*Exercise description*: The lines to extract run from the start of the records through the line with "blk.add_circle((0.1, 0.2), 0.05)", both ends included; drop the pictures.

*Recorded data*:
--------------------

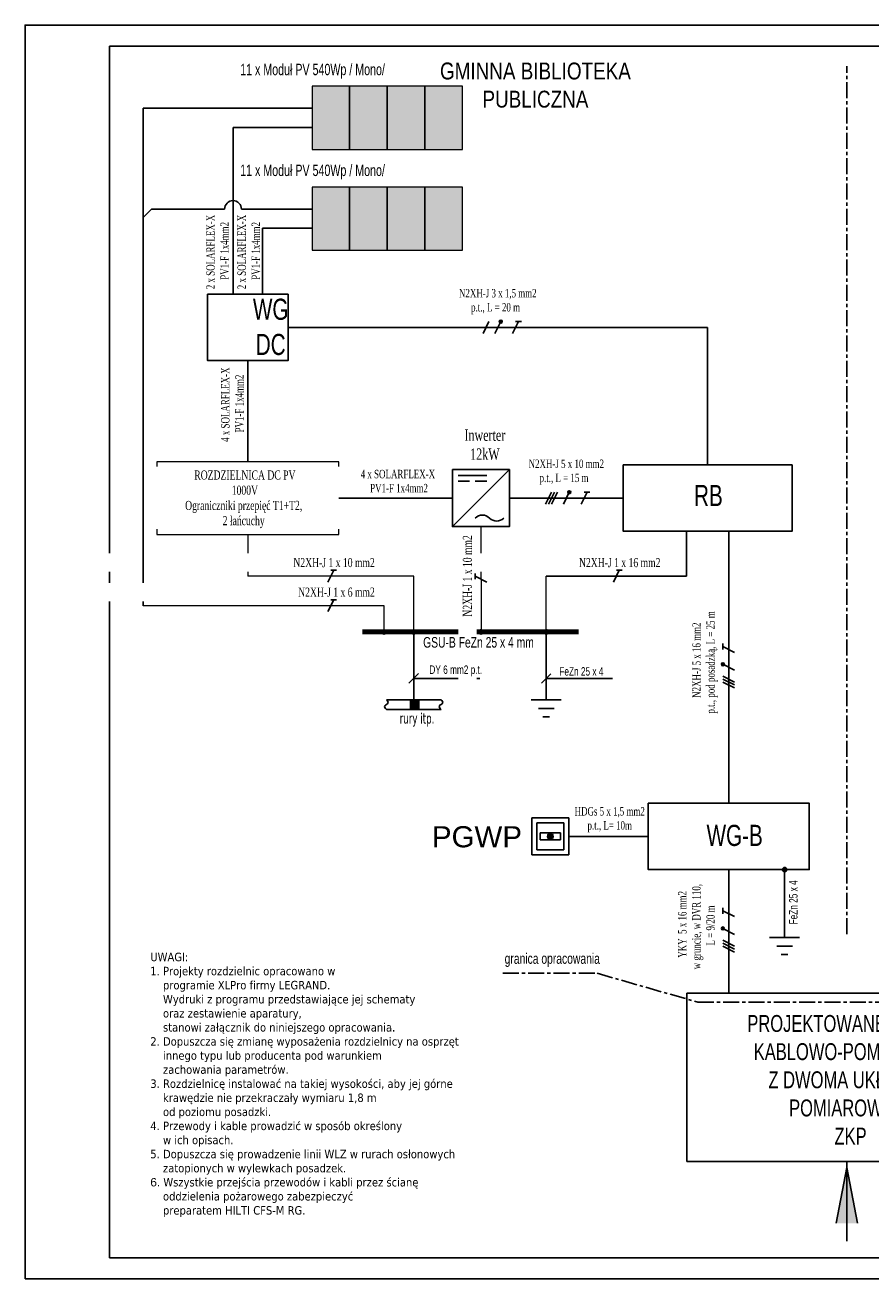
# Model space of a CAD drawing. Header units: inches. Extents: x 6268 to 12323, y 5221 to 42059.
# Tile 97 of 98: x 7968 to 9972, y 39089 to 42059. Entities that reach past the tile are written whole.
import ezdxf
from ezdxf.enums import TextEntityAlignment as Align

# ---------------------------------------------------------------- set-up
doc = ezdxf.new("R2010")
doc.units = ezdxf.units.IN
doc.header["$MEASUREMENT"] = 0
doc.linetypes.add('CENTER', pattern=[2, 1.25, -0.25, 0.25, -0.25])
doc.layers.add('2DE_NUMEL', color=1, linetype='Continuous', lineweight=20)
doc.layers.add('CP_LINENORM', color=253, linetype='Continuous')
doc.styles.add('CP_ATTR', font='romans.shx')
doc.styles.add('Romans', font='romans.shx', dxfattribs={"width": 0.7})
doc.styles.get("Standard").update_dxf_attribs({"font": 'txt.shx'})

# ---------------------------------------------------------------- blocks, each defined once
blk = doc.blocks.new('A3_POZIOM')
at = {"linetype": 'Continuous'}
blk.add_lwpolyline([(-395, 0), (0, 0), (0, 287), (-395, 287)], close=True, dxfattribs=at)
at = {"layer": 'CP_LINENORM', "linetype": 'Continuous'}
blk.add_lwpolyline([(-415, -5), (5, -5), (5, 292), (-415, 292)], close=True, dxfattribs=at)
blk.add_lwpolyline([(-185, -5), (-185, 0)], dxfattribs=at)
blk = doc.blocks.new('CPEL_2576')
h = blk.add_hatch(color=256)
h.paths.add_polyline_path([(0.15, 0.2, 0.284079), (0.122, 0.245), (0.078, 0.155, 0.557537)])
h.paths.add_polyline_path([(0.122, 0.245, 0.557537), (0.05, 0.2, 0.284079), (0.078, 0.155)])
for p, q in [((-0.7, -0.2), (-0.5, 0.2)), ((-0.6, -0.2), (-0.4, 0.2)), ((-0.5, -0.2), (-0.3, 0.2)), ((-0.1, -0.2), (0.1, 0.2)), ((0.5, -0.2), (0.7, 0.2)), ((0.6, 0.2), (0.8, 0.2))]:
    blk.add_line(p, q)
blk.add_circle((0.1, 0.2), 0.05)
at = {"linetype": 'ByBlock', "style": 'CP_ATTR', "flags": 9}
for tag, p in [('NAME', (-0.092, -0.018)), ('GROUP', (-0.092, -0.018)), ('NUMBER', (-0.092, -0.018)), ('PRODUCER', (-0.092, -0.018)), ('ARTICLE', (-0.092, -0.018)), ('CHARACTER', (-0.092, -0.018)), ('VOLTAGE', (-0.092, -0.019)), ('WEIGHT', (-0.092, -0.018)), ('OTHER', (-0.092, -0.018)), ('PRODUCT-TYPE', (-0.092, -0.019)), ('ORDER-NO', (-0.092, -0.019)), ('POWER', (-0.092, -0.019))]:
    blk.add_attdef(tag, text='', height=0.00005, dxfattribs=at).set_placement(p, align=Align.MIDDLE_LEFT)
blk = doc.blocks.new('CPEL_1940')
for p, q in [((0.5, 0.5), (-0.5, -0.5)), ((-0.4, 0.4), (0.1, 0.4)), ((-0.4, 0.3), (-0.2, 0.3)), ((-0.1, 0.3), (0.1, 0.3))]:
    blk.add_line(p, q)
blk.add_lwpolyline([(-0.5, 0.5), (0.5, 0.5), (0.5, -0.5), (-0.5, -0.5)], close=True)
for centre, start, end in [((0.025, -0.475), 45, 135), ((0.275, -0.225), 225, 315)]:
    blk.add_arc(centre, 0.177, start, end)
at = {"linetype": 'ByBlock', "style": 'CP_ATTR', "flags": 9}
for tag, p in [('NAME', (-0.092, -0.018)), ('GROUP', (-0.092, -0.018)), ('NUMBER', (-0.092, -0.018)), ('PRODUCER', (-0.092, -0.018)), ('ARTICLE', (-0.092, -0.018)), ('CHARACTER', (-0.092, -0.018)), ('VOLTAGE', (-0.092, -0.019)), ('WEIGHT', (-0.092, -0.018)), ('OTHER', (-0.092, -0.018)), ('PRODUCT-TYPE', (-0.092, -0.019)), ('ORDER-NO', (-0.092, -0.019)), ('POWER', (-0.092, -0.019))]:
    blk.add_attdef(tag, text='', height=0.00005, dxfattribs=at).set_placement(p, align=Align.MIDDLE_LEFT)
blk = doc.blocks.new('CPEL_2574')
for p, q in [((-0.1, -0.2), (0.1, 0.2)), ((0, 0.2), (0.2, 0.2))]:
    blk.add_line(p, q)
at = {"linetype": 'ByBlock', "style": 'CP_ATTR', "flags": 9}
for tag, p in [('NAME', (-0.092, -0.018)), ('GROUP', (-0.092, -0.018)), ('NUMBER', (-0.092, -0.018)), ('PRODUCER', (-0.092, -0.018)), ('ARTICLE', (-0.092, -0.018)), ('CHARACTER', (-0.092, -0.018)), ('VOLTAGE', (-0.092, -0.019)), ('WEIGHT', (-0.092, -0.018)), ('OTHER', (-0.092, -0.018)), ('PRODUCT-TYPE', (-0.092, -0.019)), ('ORDER-NO', (-0.092, -0.019)), ('POWER', (-0.092, -0.019))]:
    blk.add_attdef(tag, text='', height=0.00005, dxfattribs=at).set_placement(p, align=Align.MIDDLE_LEFT)

msp = doc.modelspace()

# ---------------------------------------------------------------- hatches: boundary and pattern name
at = {"lineweight": 13, "ltscale": 0.2}
h = msp.add_hatch(color=256, dxfattribs=at)
h.set_gradient(color1=(14, 77, 237), one_color=1, tint=1)
h.paths.add_polyline_path([(8915.339, 41914.07), (9004.439, 41914.07), (9004.439, 41764.67), (8915.339, 41764.67)])
h = msp.add_hatch(color=256, dxfattribs=at)
h.set_gradient(color1=(14, 77, 237), one_color=1, tint=1)
h.paths.add_polyline_path([(8648.039, 41675.256), (8737.139, 41675.256), (8737.139, 41525.856), (8648.039, 41525.856)])
h = msp.add_hatch(color=256, dxfattribs=at)
h.set_gradient(color1=(14, 77, 237), one_color=1, tint=1)
h.paths.add_polyline_path([(8737.139, 41675.256), (8826.239, 41675.256), (8826.239, 41525.856), (8737.139, 41525.856)])
h = msp.add_hatch(color=256, dxfattribs=at)
h.set_gradient(color1=(14, 77, 237), one_color=1, tint=1)
h.paths.add_polyline_path([(8826.239, 41675.256), (8915.339, 41675.256), (8915.339, 41525.856), (8826.239, 41525.856)])
h = msp.add_hatch(color=256, dxfattribs=at)
h.set_gradient(color1=(14, 77, 237), one_color=1, tint=1)
h.paths.add_polyline_path([(8915.339, 41675.256), (9004.439, 41675.256), (9004.439, 41525.856), (8915.339, 41525.856)])
h = msp.add_hatch(color=256)
h.paths.add_polyline_path([(9098.68, 41356.643, 0.28407904), (9096.745, 41359.773), (9093.615, 41353.512, 0.55753652)])
h.paths.add_polyline_path([(9096.745, 41359.773, 0.55753652), (9091.68, 41356.643, 0.28407904), (9093.615, 41353.512)])
h = msp.add_hatch(color=256)
h.paths.add_polyline_path([(8813.743, 40621.511), (8818.845, 40621.512), (8818.846, 40616.41, -0.41421356)])
h.paths.add_polyline_path([(8823.946, 40621.513), (8813.743, 40621.511, -1)])
h.paths.add_polyline_path([(8818.845, 40621.512), (8823.946, 40621.513, -0.41421356), (8818.846, 40616.41)])
h = msp.add_hatch(color=256)
h.paths.add_polyline_path([(8883.743, 40621.497), (8888.845, 40621.498), (8888.846, 40616.396, -0.41421356)])
h.paths.add_polyline_path([(8893.946, 40621.499), (8883.743, 40621.497, -1)])
h.paths.add_polyline_path([(8888.845, 40621.498), (8893.946, 40621.499, -0.41421356), (8888.846, 40616.396)])
h = msp.add_hatch(color=256)
h.paths.add_polyline_path([(9197.649, 40621.766), (9202.751, 40621.767), (9202.752, 40616.666, -0.41421356)])
h.paths.add_polyline_path([(9207.852, 40621.768), (9197.649, 40621.766, -1)])
h.paths.add_polyline_path([(9202.751, 40621.767), (9207.852, 40621.768, -0.41421356), (9202.752, 40616.666)])
msp.add_hatch(color=256).paths.add_polyline_path([(8881.303, 40460.962), (8900.662, 40460.966), (8900.667, 40438.25), (8881.308, 40438.246)])
h = msp.add_hatch(color=256)
edge = h.paths.add_edge_path()
edge.add_arc((9212.478, 40137.49), 6.826, 540, 720)
edge.add_arc((9212.478, 40137.49), 6.826, 720, 900)
h = msp.add_hatch(color=256)
h.paths.add_polyline_path([(9762.158, 40058.895), (9767.26, 40058.896), (9767.261, 40053.795, -0.41421356)])
h.paths.add_polyline_path([(9772.361, 40058.897), (9762.158, 40058.895, -1)])
h.paths.add_polyline_path([(9767.26, 40058.896), (9772.361, 40058.897, -0.41421356), (9767.261, 40053.795)])
h = msp.add_hatch(color=256)
h.paths.add_polyline_path([(9914.599, 39221.121), (9940.111, 39221.121), (9914.599, 39353.27)])
h.paths.add_polyline_path([(9914.599, 39353.27), (9889.086, 39221.121), (9914.599, 39221.121)])

# ---------------------------------------------------------------- linework, layer by layer
at = {"linetype": 'CENTER', "ltscale": 30}
for p, q in [((9914.599, 39906.149, 5.84), (9914.599, 41961.504, 5.84)), ((9100.17, 39813.127), (9323.53, 39813.127)), ((9323.53, 39813.127), (9562.077, 39744.62)), ((9562.077, 39744.62), (10267.12, 39744.62))]:
    msp.add_line(p, q, dxfattribs=at)
for p, q in [((8648.039, 41862.012, 0.834), (8248.039, 41862.012, 0.834)), ((8460.964, 41421.578, 0.834), (8460.964, 41816.729, 0.834)), ((8648.039, 41816.729, 0.834), (8460.964, 41816.729, 0.834)), ((8248.039, 41603.198, 0.834), (8268.039, 41623.198, 0.834)), ((8440.964, 41623.198, 0.834), (8268.039, 41623.198, 0.834)), ((8648.039, 41623.198, 0.834), (8480.964, 41623.198, 0.834)), ((8530.964, 41421.578, 0.834), (8530.964, 41577.914, 0.834)), ((8648.039, 41577.914, 0.834), (8530.964, 41577.914, 0.834)), ((8591.329, 41342.643, 0.834), (9585.03, 41342.643, 0.834)), ((9053.18, 41328.643, 0.834), (9067.18, 41356.643, 0.834)), ((9081.18, 41328.643, 0.834), (9095.18, 41356.643, 0.834)), ((9123.18, 41328.643, 0.834), (9137.18, 41356.643, 0.834)), ((9130.18, 41356.643, 0.834), (9144.18, 41356.643, 0.834)), ((9585.03, 41342.643, 0.834), (9585.03, 41017.162, 0.834)), ((8495.964, 41024.715, 0.834), (8495.964, 41264.388, 0.834)), ((9535.03, 40859.974, 0.834), (9535.03, 40753.659, 0.834)), ((9635.03, 40859.974, 0.834), (9635.03, 40216.084, 0.834)), ((9202.751, 40753.659, 0.834), (9535.03, 40753.659, 0.834)), ((8888.845, 40621.83, 0.834), (8888.877, 40460.963, 0.834)), ((9202.751, 40621.767, 0.834), (9202.719, 40460.9, 0.834)), ((8900.094, 40522.965, 0.834), (8877.627, 40500.498, 0.834)), ((8888.861, 40511.732, 0.834), (9045.762, 40511.732, 0.834)), ((9214, 40522.641, 0.834), (9191.533, 40500.174, 0.834)), ((9202.761, 40511.458, 0.834), (9359.662, 40511.458, 0.834)), ((8953.625, 40460.976, 0.834), (8824.129, 40460.95, 0.834)), ((8881.303, 40460.962, 0.834), (8881.308, 40438.246, 0.834)), ((8900.662, 40460.966, 0.834), (8900.667, 40438.25, 0.834)), ((9238.325, 40460.893, 0.834), (9167.112, 40460.907, 0.834)), ((8953.63, 40438.261, 0.834), (8824.133, 40438.235, 0.834)), ((9202.714, 40440.651, 0.834), (9184.14, 40440.654, 0.834)), ((9202.71, 40420.401, 0.834), (9194.623, 40420.402, 0.834)), ((9202.71, 40420.401, 0.834), (9210.798, 40420.399, 0.834)), ((9202.714, 40440.651, 0.834), (9221.289, 40440.647, 0.834)), ((9168.478, 40181.49, 0.834), (9256.478, 40181.49, 0.834)), ((9168.478, 40093.49, 0.834), (9168.478, 40181.49, 0.834)), ((9256.478, 40181.49, 0.834), (9256.478, 40093.49, 0.834)), ((9180.478, 40169.49, 0.834), (9244.478, 40169.49, 0.834)), ((9180.478, 40105.49, 0.834), (9180.478, 40169.49, 0.834)), ((9244.478, 40169.49, 0.834), (9244.478, 40105.49, 0.834)), ((9188.478, 40145.49, 0.834), (9236.478, 40145.49, 0.834)), ((9188.478, 40129.49, 0.834), (9188.478, 40145.49, 0.834)), ((9236.478, 40129.49, 0.834), (9188.478, 40129.49, 0.834)), ((9236.478, 40145.49, 0.834), (9236.478, 40129.49, 0.834)), ((9256.478, 40093.49, 0.834), (9168.478, 40093.49, 0.834)), ((9244.478, 40105.49, 0.834), (9180.478, 40105.49, 0.834)), ((9635.03, 39765.834, 4.516), (9635.03, 40058.896, 0.834)), ((9767.26, 40058.896, 0.834), (9767.228, 39898.03, 0.834)), ((9802.834, 39898.023, 0.834), (9731.621, 39898.037, 0.834)), ((9767.223, 39877.78, 0.834), (9748.649, 39877.784, 0.834)), ((9767.219, 39857.53, 0.834), (9759.132, 39857.532, 0.834)), ((9767.219, 39857.53, 0.834), (9775.307, 39857.529, 0.834)), ((9767.223, 39877.78, 0.834), (9785.798, 39877.776, 0.834)), ((9535.771, 39367.748, 290.885), (9535.771, 39765.834, 5.84)), ((9535.771, 39765.834, 5.84), (10293.426, 39765.834, 5.84)), ((10293.426, 39367.748, 5.84), (9535.771, 39367.748, 5.84)), ((9914.599, 39353.27, 5.84), (9889.086, 39221.121, 5.84)), ((9914.599, 39367.748, 5.84), (9914.599, 39178.97, 5.84)), ((9914.599, 39353.27, 5.84), (9940.111, 39221.121, 5.84))]:
    msp.add_line(p, q)
at = {"linetype": 'ByBlock'}
for p, q in [((9115.788, 40938.568, 0.834), (9385.03, 40938.568, 0.834)), ((9256.478, 40137.49, 0.834), (9444.299, 40137.49, 0.834))]:
    msp.add_line(p, q, dxfattribs=at)
at = {"lineweight": 13, "ltscale": 0.2}
for p, q in [((9048.288, 40871.068, 0.834), (9048.344, 40621.798, 0.834)), ((8888.845, 40621.83, 0.834), (8888.845, 40753.722, 0.834)), ((9202.751, 40621.767, 0.834), (9202.751, 40753.659, 0.834))]:
    msp.add_line(p, q, dxfattribs=at)
at = {"lineweight": 80, "ltscale": 0.5}
msp.add_line((8767.762, 40621.854, 0.834), (9278.814, 40621.752, 0.834), dxfattribs=at)
at = {"lineweight": 13, "ltscale": 0.2, "elevation": 0.834}
for points in [[(9004.439, 41914.07), (8915.339, 41914.07), (8915.339, 41764.67), (9004.439, 41764.67), (9004.439, 41914.07)], [(8737.139, 41675.256), (8648.039, 41675.256), (8648.039, 41525.856), (8737.139, 41525.856), (8737.139, 41675.256)], [(8826.239, 41675.256), (8737.139, 41675.256), (8737.139, 41525.856), (8826.239, 41525.856), (8826.239, 41675.256)], [(8915.339, 41675.256), (8826.239, 41675.256), (8826.239, 41525.856), (8915.339, 41525.856), (8915.339, 41675.256)], [(9004.439, 41675.256), (8915.339, 41675.256), (8915.339, 41525.856), (9004.439, 41525.856), (9004.439, 41675.256)]]:
    msp.add_lwpolyline(points, dxfattribs=at)
at = {"linetype": 'ByBlock', "elevation": 0.834}
for points in [[(8400.598, 41421.574), (8591.329, 41421.581), (8591.329, 41264.393), (8400.598, 41264.386)], [(9385.03, 41017.162), (9785.03, 41017.162), (9785.03, 40859.974), (9385.03, 40859.974)], [(9444.299, 40216.084), (9825.762, 40216.084), (9825.762, 40058.896), (9444.299, 40058.896)]]:
    msp.add_lwpolyline(points, close=True, dxfattribs=at)
at = {"lineweight": 13, "ltscale": 0.2, "elevation": 0.834}
msp.add_lwpolyline([(8711.545, 41024.715), (8280.382, 41024.715), (8280.382, 40852.421), (8711.545, 40852.421)], close=True, dxfattribs=at)
for centre, radius in [((9095.18, 41356.643, 0.834), 3.5), ((8818.845, 40621.512, 0.834), 5.101), ((8888.845, 40621.498, 0.834), 5.101), ((9202.751, 40621.767, 0.834), 5.101), ((9767.26, 40058.896, 0.834), 5.101)]:
    msp.add_circle(centre, radius)
msp.add_arc((8460.964, 41623.198, 0.834), 20, 0, 180)
msp.add_ellipse((9212.478, 40137.49, 0.834), major_axis=(-4.827, 4.827), ratio=1, start_param=3.92699082, end_param=10.21017612)
for points in [[(8824.133, 40438.235, 0.834), (8820.165, 40446.925, 0.834), (8827.999, 40453.374, 0.834), (8824.129, 40460.95, 0.834)], [(8953.63, 40438.261, 0.834), (8949.661, 40446.951, 0.834), (8957.496, 40453.4, 0.834), (8953.625, 40460.976, 0.834)]]:
    msp.add_spline(points, degree=3)

# ---------------------------------------------------------------- block references
at = {"xscale": 9.999, "yscale": 9.999, "zscale": 1.01}
msp.add_blockref('A3_POZIOM', (12118.078, 39139.305), dxfattribs=at)
at = {"linetype": 'Continuous', "ltscale": 0.25, "xscale": 70, "yscale": 70, "zscale": 70}
for p, rotation in [((9250.409, 40938.568, 0.834), 359.9999999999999), ((9635.03, 40538.029, 3.902), 89.99999999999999), ((9635.03, 39912.365, 5.743), 89.99999999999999)]:
    msp.add_blockref('CPEL_2576', p, dxfattribs=dict(at, rotation=rotation))

# ---------------------------------------------------------------- texts
at = {"ltscale": 24, "insert": (9409.436, 41970.242, 2.03), "char_height": 40, "attachment_point": 3}
msp.add_mtext('\\pxqc;{\\fArial|b0|i0|c238|p0;\\W0.8;GMINNA BIBLIOTEKA \\PPUBLICZNA}', dxfattribs=at)
at = {"char_height": 20, "attachment_point": 5, "rotation": 90, "style": 'Romans'}
for s, insert in [('{\\fTimes New Roman|b0|i0|c238|p18;2 x SOLARFLEX-X\\P PV1-F 1x4mm2}', (8424.514, 41521.558, 0.834)), ('{\\fTimes New Roman|b0|i0|c238|p18;2 x SOLARFLEX-X\\P PV1-F 1x4mm2}', (8498.453, 41521.558, 0.834)), ('{\\fTimes New Roman|b0|i0|c238|p18;4 x SOLARFLEX-X\\P PV1-F 1x4mm2}', (8459.514, 41160.006, 0.834)), ('{\\fTimes New Roman|b0|i0|c238|p18;  N2XH-J 5 x 16 mm2\\Pp.t., pod posadzką, L = 25 m}', (9578.5, 40549.457, 3.902)), ('{\\fTimes New Roman|b0|i0|c238|p18;  YKY  5 x 16 mm2\\Pw gruncie, w DVR 110, \\P L = 9/20 m }', (9558.468, 39923.792, 5.743))]:
    msp.add_mtext(s, dxfattribs=dict(at, insert=insert))
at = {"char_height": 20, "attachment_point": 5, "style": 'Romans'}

--------------------

*Your response*:
# Model space of a CAD drawing. Header units: inches. Extents: x 6268 to 12323, y 5221 to 42059.
# Tile 97 of 98: x 7968 to 9972, y 39089 to 42059. Entities that reach past the tile are written whole.
import ezdxf
from ezdxf.enums import TextEntityAlignment as Align

# ---------------------------------------------------------------- set-up
doc = ezdxf.new("R2010")
doc.units = ezdxf.units.IN
doc.header["$MEASUREMENT"] = 0
doc.linetypes.add('CENTER', pattern=[2, 1.25, -0.25, 0.25, -0.25])
doc.layers.add('2DE_NUMEL', color=1, linetype='Continuous', lineweight=20)
doc.layers.add('CP_LINENORM', color=253, linetype='Continuous')
doc.styles.add('CP_ATTR', font='romans.shx')
doc.styles.add('Romans', font='romans.shx', dxfattribs={"width": 0.7})
doc.styles.get("Standard").update_dxf_attribs({"font": 'txt.shx'})

# ---------------------------------------------------------------- blocks, each defined once
blk = doc.blocks.new('A3_POZIOM')
at = {"linetype": 'Continuous'}
blk.add_lwpolyline([(-395, 0), (0, 0), (0, 287), (-395, 287)], close=True, dxfattribs=at)
at = {"layer": 'CP_LINENORM', "linetype": 'Continuous'}
blk.add_lwpolyline([(-415, -5), (5, -5), (5, 292), (-415, 292)], close=True, dxfattribs=at)
blk.add_lwpolyline([(-185, -5), (-185, 0)], dxfattribs=at)
blk = doc.blocks.new('CPEL_2576')
h = blk.add_hatch(color=256)
h.paths.add_polyline_path([(0.15, 0.2, 0.284079), (0.122, 0.245), (0.078, 0.155, 0.557537)])
h.paths.add_polyline_path([(0.122, 0.245, 0.557537), (0.05, 0.2, 0.284079), (0.078, 0.155)])
for p, q in [((-0.7, -0.2), (-0.5, 0.2)), ((-0.6, -0.2), (-0.4, 0.2)), ((-0.5, -0.2), (-0.3, 0.2)), ((-0.1, -0.2), (0.1, 0.2)), ((0.5, -0.2), (0.7, 0.2)), ((0.6, 0.2), (0.8, 0.2))]:
    blk.add_line(p, q)
blk.add_circle((0.1, 0.2), 0.05)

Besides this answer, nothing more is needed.